Ranking factors, but normalizing ranks based on NaNs

So let's say I have two factors, A and B. I want to do:

(A.rank() + B.rank()).zscore()


The problem is that because there's a lot more NaNs in B than in A, the ranks for B are always smaller. How do make it so the ranks are comparable? i.e the top rank for both factors will always be the same. Is there some way I can filter out NaNs, maybe by keeping only the stocks that have no NaNs for every factor and then ranking? Thanks!

1 response

Certainly the 'cleanest' way to ensure you are ranking equally is to do as suggested and filter out any securities with a nan value in either A or B. This would create the same 'pool' of securities for each factor. The ranks then would be more comparable. This could be done something like this

a_and_b_are_finite = A.isfinite() & B.isfinite()

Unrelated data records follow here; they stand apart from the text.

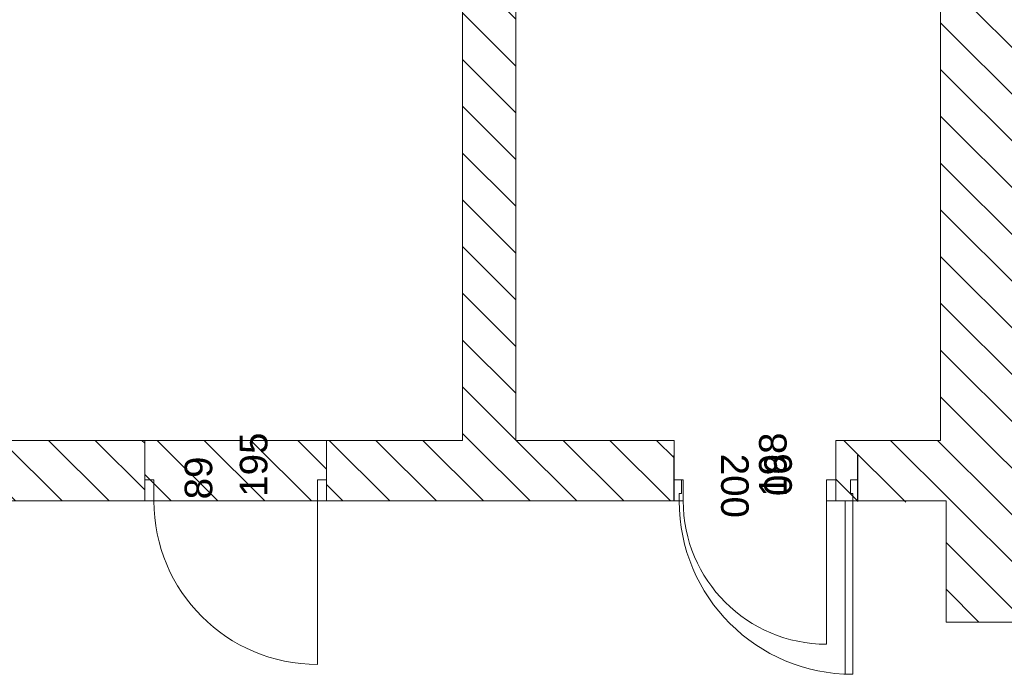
# Model space of a CAD drawing. Header units: millimetres. Extents: x -22315 to 39025, y -47720 to 770.
# Tile 13 of 28: x 8900 to 14257, y -31734 to -28169. Entities that reach past the tile are written whole.
import ezdxf

# ---------------------------------------------------------------- set-up
doc = ezdxf.new("R2010")
doc.units = ezdxf.units.MM
for name, color, linetype, lineweight in [('Nowe_220-A Ściany_Nr_pióra__27', 7, 'Continuous', 9), ('Nowe_830-G Teksty Etykiety_Nr_pióra__6', 7, 'Continuous', 9), ('Nowe_Drzwi ARCHICAD', 7, 'Continuous', 9), ('Nowe_Drzwi ARCHICAD_Nr_pióra__27', 7, 'Continuous', 9), ('Nowe_Drzwi ARCHICAD_Nr_pióra__3', 7, 'Continuous', 9), ('Nowe_Drzwi ARCHICAD_Nr_pióra__6', 7, 'Continuous', 9), ('Nowe_Konstrukcja - Stropy_Nr_pióra__1', 7, 'Continuous', 9), ('Nowe_Konstrukcja - Stropy_Nr_pióra__6', 7, 'Continuous', 9), ('poziom_1 (1)_4_Drzwi ArchiCAD_Nr_pióra__27_Nr_pióra__7', 7, 'Continuous', 9), ('poziom_1 (1)_4_Drzwi ArchiCAD_Nr_pióra__81_Nr_pióra__4', 7, 'Continuous', 9), ('poziom_1 (1)_4_Konstrukcja - Ściany zew_Nr_pióra__107_Nr_pióra__10', 7, 'Continuous', 9), ('poziom_1 (1)_4_Konstrukcja - Ściany zew_Nr_pióra__27_Nr_pióra__7', 7, 'Continuous', 9), ('poziom_1 (1)_4_Znaczniki drzwi ArchiCADa_Nr_pióra__7_Nr_pióra__7', 7, 'Continuous', 9)]:
    doc.layers.add(name, color=color, linetype=linetype, lineweight=lineweight)
doc.styles.add('GENERATED_STYLE_1', font='arial.ttf')
doc.styles.add('GENERATED_STYLE_5', font='arial.ttf')
pattern_1 = [(135, (37205, -40790), (127.2792, 127.2792), [])]

# ---------------------------------------------------------------- blocks, each defined once
blk = doc.blocks.new('Drzwi 21_2')
at = {"layer": 'Nowe_Drzwi ARCHICAD_Nr_pióra__27', "color": 7, "linetype": 'Continuous', "lineweight": 25}
for p, q in [((-500, 0), (-500, -115)), ((-500, 0), (-500, -115)), ((500, 0), (500, -115)), ((500, 0), (500, -115)), ((-500, -115), (-500, -250)), ((500, -115), (500, -250))]:
    blk.add_line(p, q, dxfattribs=at)
at = {"layer": 'Nowe_Drzwi ARCHICAD_Nr_pióra__3', "color": 7, "linetype": 'Continuous', "lineweight": 13}
blk.add_arc((472, 0), 944, 90, 180, dxfattribs=at)
at = {"layer": 'Nowe_Drzwi ARCHICAD_Nr_pióra__6', "color": 7, "linetype": 'Continuous', "lineweight": 13}
for p, q in [((432, 0), (432, 944)), ((432, 944), (472, 944)), ((472, 944), (472, 0)), ((-472, 0), (-500, 0)), ((-500, 0), (-500, -115)), ((-472, -40), (-472, 0)), ((472, 0), (432, 0)), ((500, 0), (472, 0)), ((472, 0), (472, -40)), ((500, -115), (500, 0)), ((-460, -40), (-472, -40)), ((-460, -115), (-460, -40)), ((472, -40), (460, -40)), ((460, -40), (460, -115)), ((-500, -115), (-460, -115)), ((460, -115), (500, -115))]:
    blk.add_line(p, q, dxfattribs=at)

msp = doc.modelspace()

# ---------------------------------------------------------------- hatches: boundary and pattern name
at = {"layer": 'poziom_1 (1)_4_Konstrukcja - Ściany zew_Nr_pióra__107_Nr_pióra__10', "linetype": 'ByBlock'}
h = msp.add_hatch(dxfattribs=at)
h.set_pattern_fill('BLOCZKI_CERAMICZNE_0004', color=256, angle=270, style=0, pattern_type=2)
h.set_pattern_definition(pattern_1)
h.paths.add_polyline_path([(14410, -30460), (14410, -24000), (13910, -24000), (13910, -30460)])
h = msp.add_hatch(dxfattribs=at)
h.set_pattern_fill('BLOCZKI_CERAMICZNE_0004', color=256, angle=270, style=0, pattern_type=2)
h.set_pattern_definition(pattern_1)
h.paths.add_polyline_path([(11600, -30460), (11600, -26460), (11310, -26460), (11310, -30460)])
h = msp.add_hatch(dxfattribs=at)
h.set_pattern_fill('BLOCZKI_CERAMICZNE_0004', color=256, angle=270, style=0, pattern_type=2)
h.set_pattern_definition(pattern_1)
h.paths.add_polyline_path([(8260, -30460), (8260, -30790), (9580, -30790), (9580, -30460)])
h = msp.add_hatch(dxfattribs=at)
h.set_pattern_fill('BLOCZKI_CERAMICZNE_0004', color=256, angle=270, style=0, pattern_type=2)
h.set_pattern_definition(pattern_1)
h.paths.add_polyline_path([(10570, -30460), (10570, -30790), (12460, -30790), (12460, -30460)])
h = msp.add_hatch(dxfattribs=at)
h.set_pattern_fill('BLOCZKI_CERAMICZNE_0004', color=256, angle=270, style=0, pattern_type=2)
h.set_pattern_definition(pattern_1)
h.paths.add_polyline_path([(13340, -30790), (17770, -30870), (17770, -30460), (13340, -30460)])
h = msp.add_hatch(dxfattribs=at)
h.set_pattern_fill('BLOCZKI_CERAMICZNE_0004', color=256, angle=270, style=0, pattern_type=2)
h.set_pattern_definition(pattern_1)
h.paths.add_polyline_path([(14410, -31450), (14410, -30790), (13940, -30790), (13940, -31450)])

# ---------------------------------------------------------------- linework, layer by layer
at = {"layer": 'Nowe_220-A Ściany_Nr_pióra__27', "linetype": 'ByBlock'}
for p, q in [((12460, -30675), (12460, -30540)), ((13460, -30675), (13460, -30540)), ((12460, -30790), (12460, -30675)), ((13460, -30790), (13460, -30675))]:
    msp.add_line(p, q, dxfattribs=at)
at = {"layer": 'Nowe_Konstrukcja - Stropy_Nr_pióra__1', "linetype": 'ByBlock'}
for p, q in [((10570, -30460), (9580, -30460)), ((9580, -30460), (9580, -30790)), ((10570, -30790), (10570, -30460)), ((9580, -30790), (10570, -30790))]:
    msp.add_line(p, q, dxfattribs=at)
at = {"layer": 'Nowe_Konstrukcja - Stropy_Nr_pióra__6', "linetype": 'ByBlock'}
for p, q in [((9648.7, -30460), (9978.7, -30790)), ((9903.3, -30460), (10233.3, -30790)), ((10157.9, -30460), (10487.9, -30790)), ((10412.4, -30460), (10570, -30617.6)), ((9580, -30645.8), (9724.2, -30790))]:
    msp.add_line(p, q, dxfattribs=at)
at = {"layer": 'poziom_1 (1)_4_Drzwi ArchiCAD_Nr_pióra__27_Nr_pióra__7', "linetype": 'ByBlock'}
for p, q in [((9580, -30790), (9580, -30675)), ((10570, -30790), (10570, -30675)), ((12460, -30790), (12460, -30675)), ((13340, -30790), (13340, -30675))]:
    msp.add_line(p, q, dxfattribs=at)
at = {"layer": 'poziom_1 (1)_4_Drzwi ArchiCAD_Nr_pióra__81_Nr_pióra__4', "linetype": 'ByBlock'}
for p, q in [((9580, -30675), (9630, -30675)), ((9580, -30790), (9580, -30675)), ((9630, -30675), (9630, -30790)), ((10520, -30790), (10520, -30675)), ((10520, -30675), (10570, -30675)), ((10570, -30675), (10570, -30790)), ((12460, -30675), (12510, -30675)), ((12460, -30790), (12460, -30675)), ((12510, -30675), (12510, -30790)), ((13290, -30790), (13290, -30675)), ((13290, -30675), (13340, -30675)), ((13340, -30675), (13340, -30790)), ((9630, -30790), (9580, -30790)), ((10570, -30790), (10520, -30790)), ((10520, -30790), (10520, -31680)), ((12510, -30790), (12460, -30790)), ((13340, -30790), (13290, -30790)), ((13290, -30790), (13290, -31570))]:
    msp.add_line(p, q, dxfattribs=at)
for centre, radius in [((10520, -30790), 890), ((13290, -30790), 780)]:
    msp.add_arc(centre, radius, 180, 270, dxfattribs=at)
at = {"layer": 'poziom_1 (1)_4_Konstrukcja - Ściany zew_Nr_pióra__27_Nr_pióra__7', "linetype": 'ByBlock'}
for p, q in [((9580, -30675), (9580, -30460)), ((10570, -30675), (10570, -30460)), ((12460, -30675), (12460, -30460)), ((13340, -30675), (13340, -30460)), ((9580, -30790), (9580, -30675)), ((10570, -30790), (10570, -30675)), ((12460, -30790), (12460, -30675)), ((13340, -30790), (13340, -30675))]:
    msp.add_line(p, q, dxfattribs=at)
at = {"layer": 'poziom_1 (1)_4_Konstrukcja - Ściany zew_Nr_pióra__27_Nr_pióra__7', "linetype": 'ByBlock', "flags": 128}
for points in [[(13910, -24610), (13910, -30460)], [(11310, -26460), (11310, -30460)], [(11600, -30460), (11600, -26460)], [(9580, -30460), (8530, -30460)], [(11310, -30460), (10570, -30460)], [(12460, -30460), (11600, -30460)], [(13910, -30460), (13340, -30460)], [(8260, -30790), (9580, -30790)], [(10570, -30790), (12460, -30790)], [(13340, -30790), (13940, -30790)], [(13940, -30790), (13940, -31450)], [(13940, -31450), (14410, -31450)]]:
    msp.add_lwpolyline(points, dxfattribs=at)

# ---------------------------------------------------------------- block references
at = {"layer": 'Nowe_Drzwi ARCHICAD', "linetype": 'ByBlock', "xscale": -1, "zscale": 1000, "rotation": 180}
msp.add_blockref('Drzwi 21_2', (12960, -30790), dxfattribs=at)

# ---------------------------------------------------------------- texts
at = {"layer": 'Nowe_830-G Teksty Etykiety_Nr_pióra__6', "linetype": 'ByBlock', "style": 'GENERATED_STYLE_5'}
for s, p in [('200', (12716.1, -30532.9)), ('90', (12951.1, -30530.4))]:
    msp.add_text(s, height=150, rotation=270, dxfattribs=at).set_placement(p)
at = {"layer": 'poziom_1 (1)_4_Znaczniki drzwi ArchiCADa_Nr_pióra__7_Nr_pióra__7', "linetype": 'ByBlock', "char_height": 150, "attachment_point": 7, "rotation": 90, "style": 'GENERATED_STYLE_1'}
for s, insert in [('\\A1;195', (10249.7, -30767.2)), ('\\A1;198', (13074.7, -30767.2)), ('\\A1;89', (9949.7, -30781.4))]:
    msp.add_mtext(s, dxfattribs=dict(at, insert=insert))

doc.saveas('drawing.dxf')

It's a good practice to use the isfinite() method rather than notnan() with zscores and ranks. Infinite values don't always play nicely with these methods so best to filter those out too. Using the mask parameter in this way will only rank those securities that have 'rankable' or finite values. Also note the use of the method parameter. This determines how tied values are handled. The default is 'ordinal' where each security is given a distinct rank, corresponding to the order that the values occur. The order is typically just by SID. Not very meaningful. Moreover, the values are probably independent. If two are the same then they should be assigned the same rank? My preference is to use the 'max' method. For info on the various options check out the scipy rankdata docs.